The Warded Man laughed. “Sometimes they do,” he said, “but flammable or no, there isn’t a flame demon alive that’s a match in a fight with a wood demon. Woodies are second only to rock demons in strength, and they’re nearly invisible within the borders of the forest.”
“The Creator’s Great Plan,” Leesha said. “Checks and balances.”
“Nonsense,” the Warded Man countered. “If the flame demons burned everything away, there would be nothing left for them to hunt. Nature found a way to solve the problem.”
“You don’t believe in the Creator?” Rojer asked.
“We have enough problems already,” the Warded Man answered, and his scowl made it clear that he had no desire to pursue the subject.
“There are some that call you the Deliverer,” Roje
r dared.
The Warded Man snorted. “There’s no Deliverer coming to save us, Jongleur,” he said. “You want demons dead in this world, you have to kill them yourself.”
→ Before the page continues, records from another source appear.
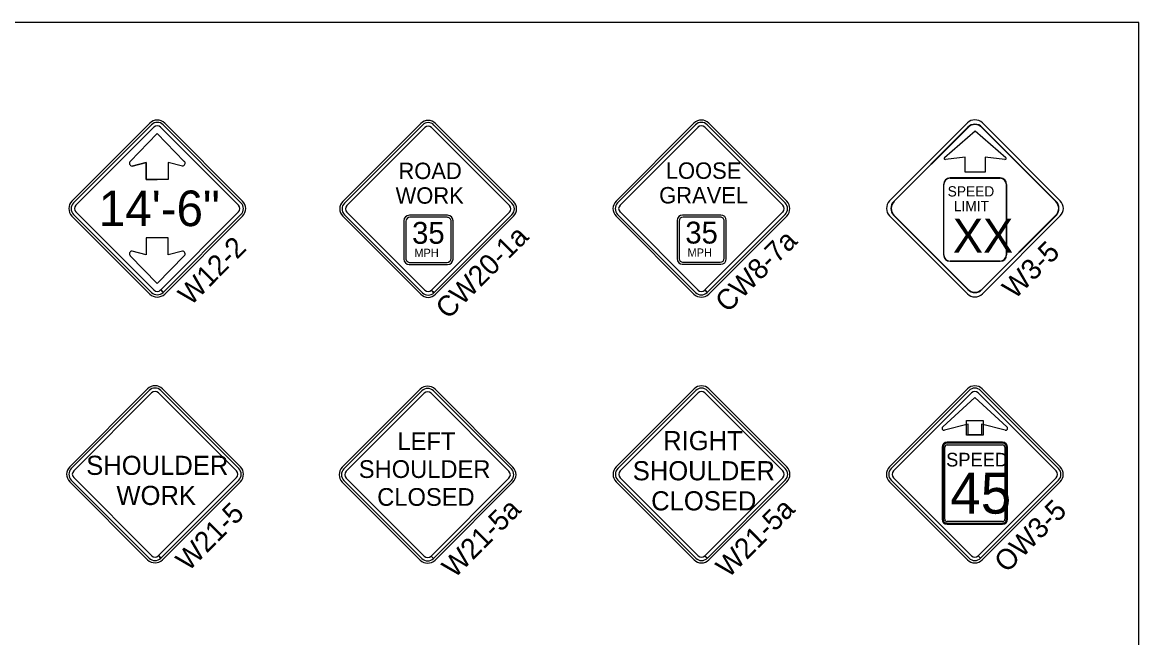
# Model space of a CAD drawing. Extents: x 1458 to 4498, y 17709 to 24109.
# Drawn here: x 3682 to 4498, y 23660 to 24109 of the extents above; entities that cross this region are included whole.
import ezdxf

# ---------------------------------------------------------------- set-up
doc = ezdxf.new("R2010")
doc.units = 0
doc.layers.add('P_TRAF_SIGN_SignDetails', color=7, linetype='Continuous')
doc.layers.add('P_TRAF_TCP_General', color=7, linetype='Continuous')

msp = doc.modelspace()

# ---------------------------------------------------------------- linework, layer by layer
at = {"layer": 'P_TRAF_SIGN_SignDetails'}
for p, q in [((4373.52, 24032.55), (4319.32, 23978.35)), ((4373.52, 24032.55), (4319.32, 23978.35)), ((4373.52, 24032.55), (4319.32, 23978.35)), ((4373.52, 24032.55), (4319.32, 23978.35)), ((4319.47, 23978.19), (4373.68, 24032.39)), ((4383.66, 24032.39), (4437.86, 23978.19)), ((4438.02, 23978.35), (4383.82, 24032.55)), ((4438.02, 23978.35), (4383.82, 24032.55)), ((4438.02, 23978.35), (4383.82, 24032.55)), ((4438.02, 23978.35), (4383.82, 24032.55)), ((4356.35, 24010.42), (4378.85, 24029.92)), ((4378.85, 24029.92), (4401.36, 24010.42)), ((4371.56, 24010.64), (4357.08, 24008.98)), ((4371.56, 23999.75), (4371.56, 24010.64)), ((4400.63, 24008.98), (4386.15, 24010.64)), ((4386.15, 24010.64), (4386.15, 23999.75)), ((4378.85, 23999.75), (4371.56, 23999.75)), ((4386.15, 23999.75), (4378.85, 23999.75)), ((4355.7, 23990.66), (4355.7, 23939.27)), ((4355.7, 23990.66), (4355.7, 23939.27)), ((4355.7, 23990.66), (4355.7, 23939.27)), ((4355.7, 23990.66), (4355.7, 23939.27)), ((4355.86, 23939.27), (4355.86, 23990.66)), ((4397.12, 23995.41), (4360.45, 23995.41)), ((4397.12, 23995.41), (4360.45, 23995.41)), ((4397.12, 23995.41), (4360.45, 23995.41)), ((4397.12, 23995.41), (4360.45, 23995.41)), ((4360.45, 23995.25), (4397.12, 23995.25)), ((4401.71, 23990.66), (4401.71, 23939.27)), ((4401.87, 23939.27), (4401.87, 23990.66)), ((4401.87, 23939.27), (4401.87, 23990.66)), ((4401.87, 23939.27), (4401.87, 23990.66)), ((4401.87, 23939.27), (4401.87, 23990.66)), ((4319.32, 23968.05), (4373.52, 23913.85)), ((4319.32, 23968.05), (4373.52, 23913.85)), ((4319.32, 23968.05), (4373.52, 23913.85)), ((4319.32, 23968.05), (4373.52, 23913.85)), ((4373.68, 23914.01), (4319.47, 23968.21)), ((4437.86, 23968.21), (4383.66, 23914.01)), ((4383.82, 23913.85), (4438.02, 23968.05)), ((4383.82, 23913.85), (4438.02, 23968.05)), ((4383.82, 23913.85), (4438.02, 23968.05)), ((4383.82, 23913.85), (4438.02, 23968.05)), ((4360.45, 23934.52), (4360.45, 23934.68)), ((4397.12, 23934.68), (4360.45, 23934.68)), ((4360.45, 23934.68), (4360.45, 23934.52)), ((4360.45, 23934.52), (4397.12, 23934.52)), ((4360.45, 23934.52), (4397.12, 23934.52)), ((4360.45, 23934.52), (4397.12, 23934.52)), ((4360.45, 23934.52), (4397.12, 23934.52)), ((4383.82, 23913.85), (4383.66, 23914.01)), ((4383.66, 23914.01), (4383.82, 23913.85))]:
    msp.add_line(p, q, dxfattribs=at)
for centre, radius, start, end in [((4378.67, 24027.4), 7.28, 45, 135), ((4378.67, 24027.4), 7.28, 45, 135), ((4378.67, 24027.4), 7.28, 45, 135), ((4378.67, 24027.4), 7.28, 45, 135), ((4378.67, 24027.4), 7.06, 45, 135), ((4360.45, 23990.66), 4.75, 90, 180), ((4360.45, 23990.66), 4.75, 90, 180), ((4360.45, 23990.66), 4.75, 90, 180), ((4360.45, 23990.66), 4.75, 90, 180), ((4360.45, 23990.66), 4.59, 90, 180), ((4397.12, 23990.66), 4.75, 0, 90), ((4397.12, 23990.66), 4.75, 0, 90), ((4397.12, 23990.66), 4.75, 0, 90), ((4397.12, 23990.66), 4.75, 0, 90), ((4397.12, 23990.66), 4.59, 0, 90), ((4324.47, 23973.2), 7.28, 135, 225), ((4324.47, 23973.2), 7.28, 135, 225), ((4324.47, 23973.2), 7.28, 135, 225), ((4324.47, 23973.2), 7.28, 135, 225), ((4324.47, 23973.2), 7.06, 135, 225), ((4432.87, 23973.2), 7.06, 315, 45), ((4432.87, 23973.2), 7.28, 315, 45), ((4432.87, 23973.2), 7.28, 315, 45), ((4432.87, 23973.2), 7.28, 315, 45), ((4432.87, 23973.2), 7.28, 315, 45), ((4360.45, 23939.27), 4.75, 180, 270), ((4360.45, 23939.27), 4.75, 180, 270), ((4360.45, 23939.27), 4.75, 180, 270), ((4360.45, 23939.27), 4.75, 180, 270), ((4360.45, 23939.27), 4.59, 180, 270), ((4397.12, 23939.27), 4.75, 270, 0), ((4397.12, 23939.27), 4.75, 270, 0), ((4397.12, 23939.27), 4.75, 270, 0), ((4397.12, 23939.27), 4.75, 270, 0), ((4397.12, 23939.27), 4.59, 270, 0), ((4378.67, 23919), 7.28, 225, 315), ((4378.67, 23919), 7.28, 225, 315), ((4378.67, 23919), 7.28, 225, 315), ((4378.67, 23919), 7.28, 225, 315), ((4378.67, 23919), 7.06, 225, 315)]:
    msp.add_arc(centre, radius, start, end, dxfattribs=at)
for centre, major_axis, start_param, end_param in [((4356.97, 24009.81), (-0.912, 0), 5.468318, 7.968488), ((4400.73, 24009.81), (0.912, 0), 4.597883, 7.098052)]:
    msp.add_ellipse(centre, major_axis=major_axis, ratio=0.919167, start_param=start_param, end_param=end_param, dxfattribs=at)
at = {"layer": 'P_TRAF_TCP_General'}
for p, q in [((3775.16, 24035.49), (3718.16, 23978.48)), ((3776.35, 24034.3), (3719.34, 23977.3)), ((3721.11, 23975.53), (3778.11, 24032.53)), ((3783.06, 24032.53), (3840.07, 23975.53)), ((3841.83, 23977.3), (3784.83, 24034.3)), ((3843.02, 23978.48), (3786.01, 24035.49)), ((3973.34, 24035.28), (3916.33, 23978.28)), ((3974.52, 24034.1), (3917.51, 23977.09)), ((3919.28, 23975.33), (3976.29, 24032.33)), ((3981.23, 24032.33), (4038.24, 23975.33)), ((4040.01, 23977.09), (3983, 24034.1)), ((4041.19, 23978.28), (3984.19, 24035.28)), ((4173.15, 24035.47), (4116.15, 23978.46)), ((4174.34, 24034.28), (4117.33, 23977.28)), ((4119.1, 23975.51), (4176.11, 24032.51)), ((4181.05, 24032.51), (4238.06, 23975.51)), ((4239.83, 23977.28), (4182.82, 24034.28)), ((4241.01, 23978.46), (4184, 24035.47)), ((4373.24, 24035.63), (4316.24, 23978.62)), ((4441.1, 23978.62), (4384.09, 24035.63)), ((3780.59, 24027.86), (3760.8, 24007.58)), ((3760.8, 24007.58), (3780.59, 24027.86)), ((3780.59, 24027.86), (3800.37, 24007.58)), ((3780.59, 24027.86), (3800.37, 24007.58)), ((3760.9, 24007.66), (3760.8, 24007.58)), ((3762.22, 24004.15), (3772.59, 24006.81)), ((3772.59, 24006.81), (3762.22, 24004.15)), ((3772.59, 24006.81), (3772.59, 23994.42)), ((3772.59, 23994.42), (3772.59, 24006.81)), ((3798.95, 24004.15), (3788.58, 24006.81)), ((3788.58, 24006.81), (3788.58, 23994.42)), ((3798.95, 24004.15), (3788.58, 24006.81)), ((3788.58, 24006.81), (3788.58, 23994.42)), ((3772.59, 23994.42), (3780.59, 23994.42)), ((3780.59, 23994.42), (3772.59, 23994.42)), ((3788.58, 23994.42), (3780.59, 23994.42)), ((3788.58, 23994.42), (3780.59, 23994.42)), ((3718.16, 23967.63), (3775.16, 23910.63)), ((3719.34, 23968.81), (3776.35, 23911.81)), ((3778.11, 23913.58), (3721.11, 23970.58)), ((3840.07, 23970.58), (3783.08, 23913.59)), ((3784.85, 23911.83), (3841.83, 23968.81)), ((3786.01, 23910.63), (3843.02, 23967.63)), ((3916.33, 23967.43), (3973.34, 23910.42)), ((3917.51, 23968.61), (3974.52, 23911.61)), ((3976.29, 23913.37), (3919.28, 23970.38)), ((3992.55, 23966.7), (3965.41, 23966.69)), ((4038.24, 23970.38), (3981.25, 23913.39)), ((3983.02, 23911.62), (4040.01, 23968.61)), ((3984.19, 23910.42), (4041.19, 23967.43)), ((4116.15, 23967.61), (4173.15, 23910.6)), ((4117.33, 23968.79), (4174.34, 23911.79)), ((4176.11, 23913.56), (4119.1, 23970.56)), ((4192.36, 23966.88), (4165.23, 23966.88)), ((4238.06, 23970.56), (4181.07, 23913.57)), ((4182.84, 23911.81), (4239.83, 23968.79)), ((4184, 23910.6), (4241.01, 23967.61)), ((4316.24, 23967.77), (4373.24, 23910.77)), ((4384.09, 23910.77), (4441.1, 23967.77)), ((3962.46, 23963.74), (3962.46, 23936.61)), ((3995.5, 23936.61), (3995.5, 23963.75)), ((4162.28, 23963.93), (4162.28, 23936.79)), ((4195.31, 23936.79), (4195.31, 23963.93)), ((3780.59, 23951.69), (3772.59, 23951.69)), ((3772.59, 23951.69), (3772.59, 23939.3)), ((3788.58, 23951.69), (3780.59, 23951.69)), ((3788.58, 23939.3), (3788.58, 23951.69)), ((3772.59, 23939.3), (3762.22, 23941.96)), ((3798.95, 23941.96), (3788.58, 23939.3)), ((3760.8, 23938.53), (3780.59, 23918.25)), ((3760.9, 23938.45), (3760.8, 23938.53)), ((3780.59, 23918.25), (3800.37, 23938.53)), ((3965.41, 23933.66), (3992.55, 23933.66)), ((4165.23, 23933.84), (4192.36, 23933.84)), ((3784.83, 23911.81), (3783.06, 23913.58)), ((3784.83, 23911.81), (3783.06, 23913.58)), ((3783.08, 23913.59), (3784.85, 23911.83)), ((3783.08, 23913.59), (3784.85, 23911.83)), ((3983, 23911.61), (3981.23, 23913.37)), ((3983, 23911.61), (3981.23, 23913.37)), ((3981.25, 23913.39), (3983.02, 23911.62)), ((3981.25, 23913.39), (3983.02, 23911.62)), ((4182.82, 23911.79), (4181.05, 23913.56)), ((4182.82, 23911.79), (4181.05, 23913.56)), ((4181.07, 23913.57), (4182.84, 23911.81)), ((4181.07, 23913.57), (4182.84, 23911.81)), ((3773.54, 23841.36), (3716.54, 23784.35)), ((3774.73, 23840.17), (3717.72, 23783.17)), ((3774.73, 23840.17), (3717.72, 23783.17)), ((3719.49, 23781.4), (3776.49, 23838.4)), ((3719.49, 23781.4), (3776.49, 23838.4)), ((3781.44, 23838.4), (3838.45, 23781.4)), ((3781.44, 23838.4), (3838.45, 23781.4)), ((3840.21, 23783.17), (3783.21, 23840.17)), ((3840.21, 23783.17), (3783.21, 23840.17)), ((3841.4, 23784.35), (3784.39, 23841.36)), ((3972.92, 23841.06), (3915.91, 23784.06)), ((3974.1, 23839.88), (3917.1, 23782.88)), ((3974.1, 23839.88), (3917.1, 23782.88)), ((3918.87, 23781.11), (3975.87, 23838.11)), ((3918.87, 23781.11), (3975.87, 23838.11)), ((3980.82, 23838.11), (4037.82, 23781.11)), ((3980.82, 23838.11), (4037.82, 23781.11)), ((4039.59, 23782.88), (3982.59, 23839.88)), ((4039.59, 23782.88), (3982.59, 23839.88)), ((4040.78, 23784.06), (3983.77, 23841.06)), ((4173.27, 23841.28), (4116.26, 23784.28)), ((4174.45, 23840.1), (4117.45, 23783.09)), ((4174.45, 23840.1), (4117.45, 23783.09)), ((4119.21, 23781.33), (4176.22, 23838.33)), ((4119.21, 23781.33), (4176.22, 23838.33)), ((4181.17, 23838.33), (4238.17, 23781.33)), ((4181.17, 23838.33), (4238.17, 23781.33)), ((4239.94, 23783.09), (4182.93, 23840.1)), ((4239.94, 23783.09), (4182.93, 23840.1)), ((4241.12, 23784.28), (4184.12, 23841.28)), ((4373.16, 23841.28), (4316.16, 23784.27)), ((4374.35, 23840.1), (4317.34, 23783.09)), ((4374.35, 23840.1), (4317.34, 23783.09)), ((4374.35, 23840.1), (4317.34, 23783.09)), ((4319.11, 23781.32), (4376.11, 23838.33)), ((4319.11, 23781.32), (4376.11, 23838.33)), ((4381.06, 23838.33), (4438.07, 23781.32)), ((4381.06, 23838.33), (4438.07, 23781.32)), ((4439.83, 23783.09), (4382.83, 23840.1)), ((4439.83, 23783.09), (4382.83, 23840.1)), ((4439.83, 23783.09), (4382.83, 23840.1)), ((4441.02, 23784.27), (4384.01, 23841.28)), ((4356.44, 23811.08), (4356.44, 23811.08)), ((4356.44, 23811.08), (4356.44, 23811.08)), ((4354.6, 23798.61), (4354.6, 23746.13)), ((4355.35, 23798.61), (4355.35, 23746.13)), ((4355.35, 23798.61), (4356.6, 23798.61)), ((4355.35, 23798.59), (4355.35, 23746.13)), ((4356.6, 23798.59), (4355.35, 23798.59)), ((4356.6, 23746.13), (4356.6, 23798.59)), ((4398.83, 23802.36), (4358.35, 23802.36)), ((4398.83, 23801.61), (4358.35, 23801.61)), ((4398.83, 23801.61), (4358.35, 23801.61)), ((4358.35, 23800.36), (4398.83, 23800.36)), ((4400.58, 23798.61), (4400.58, 23746.13)), ((4401.83, 23746.13), (4401.83, 23798.61)), ((4401.83, 23746.13), (4401.83, 23798.61)), ((4402.58, 23746.13), (4402.58, 23798.61)), ((3716.54, 23773.5), (3773.54, 23716.49)), ((3717.72, 23774.68), (3774.73, 23717.68)), ((3776.49, 23719.45), (3719.49, 23776.45)), ((3838.45, 23776.45), (3781.46, 23719.46)), ((3838.45, 23776.45), (3781.46, 23719.46)), ((3783.23, 23717.7), (3840.21, 23774.68)), ((3783.23, 23717.7), (3840.21, 23774.68)), ((3784.39, 23716.49), (3841.4, 23773.5)), ((3915.91, 23773.21), (3972.92, 23716.2)), ((3917.1, 23774.39), (3974.1, 23717.39)), ((3917.1, 23774.39), (3974.1, 23717.39)), ((3975.87, 23719.16), (3918.87, 23776.16)), ((4037.82, 23776.16), (3980.84, 23719.17)), ((4037.82, 23776.16), (3980.84, 23719.17)), ((3982.6, 23717.41), (4039.59, 23774.39)), ((3982.6, 23717.41), (4039.59, 23774.39)), ((3983.77, 23716.2), (4040.78, 23773.21)), ((4116.26, 23773.43), (4173.27, 23716.42)), ((4117.45, 23774.61), (4174.45, 23717.61)), ((4117.45, 23774.61), (4174.45, 23717.61)), ((4176.22, 23719.37), (4119.21, 23776.38)), ((4238.17, 23776.38), (4181.18, 23719.39)), ((4238.17, 23776.38), (4181.18, 23719.39)), ((4182.95, 23717.62), (4239.94, 23774.61)), ((4182.95, 23717.62), (4239.94, 23774.61)), ((4184.12, 23716.42), (4241.12, 23773.43)), ((4316.16, 23773.42), (4373.16, 23716.42)), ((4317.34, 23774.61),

As if in response, a wind demon bounced off Twilight Dancer’s wardnet, filling the area with a brief flash of light. The stallion dug at the dirt with his hooves, as if eager to leap from the circle and do battle, but he stayed in place, waiting for a command from his master.
“How is it the horse stands so unafraid?” Leesha asked. “Even Messengers stake down their horses at night to keep them from bolting, but yours seems to want to fight.”
“I’ve been training Twilight Dancer since he was foaled,” the Warded Man said. “He’s always been warded, so he’s never learned to fear corelings. His sire was the biggest, most aggressive beast I could find, and his dam the same.”
“But he seemed so gentle when we rode him,” Leesha said.
“I’ve taught him to channel his aggressive urges,” the Warded Man said, pride evident in his normally emotionless tone. “He returns kindness, but if he’s threatened, or I am, he’ll attack without hesitation. He once crushed the skull of a wild boar that would have gored me for sure.”
Finished with the flame demons, the wood demons began to circle the wards, drawing closer and closer. The Warded Man strung his yew bow and took out his quiver of heavy-tipped arrows, but he ignored the creatures as they slashed at the barrier and were thrown back. When they finished their meal, he selected an unmarked arrow and took an etching tool from his warding kit, slowly inscribing the shaft with wards.
“If we weren’t here …” Leesha asked.
“I would be out there,” the Warded Man answered, not looking up at her. “Hunting.”
Leesha nodded, and was quiet for a time, watching him. Rojer shifted uncomfortably at her obvious fascination.
“Have you seen my home?” she asked softly.
The Warded Man looked at her curiously, but made no reply.
“If you’ve come from the south, you must’ve come through the Hollow,” Leesha said.
The Warded Man shook his head. “I give the hamlets a wide berth,” he said. “The first person to see me runs off, and before long I’m met by a cluster of angry men with pitchforks.”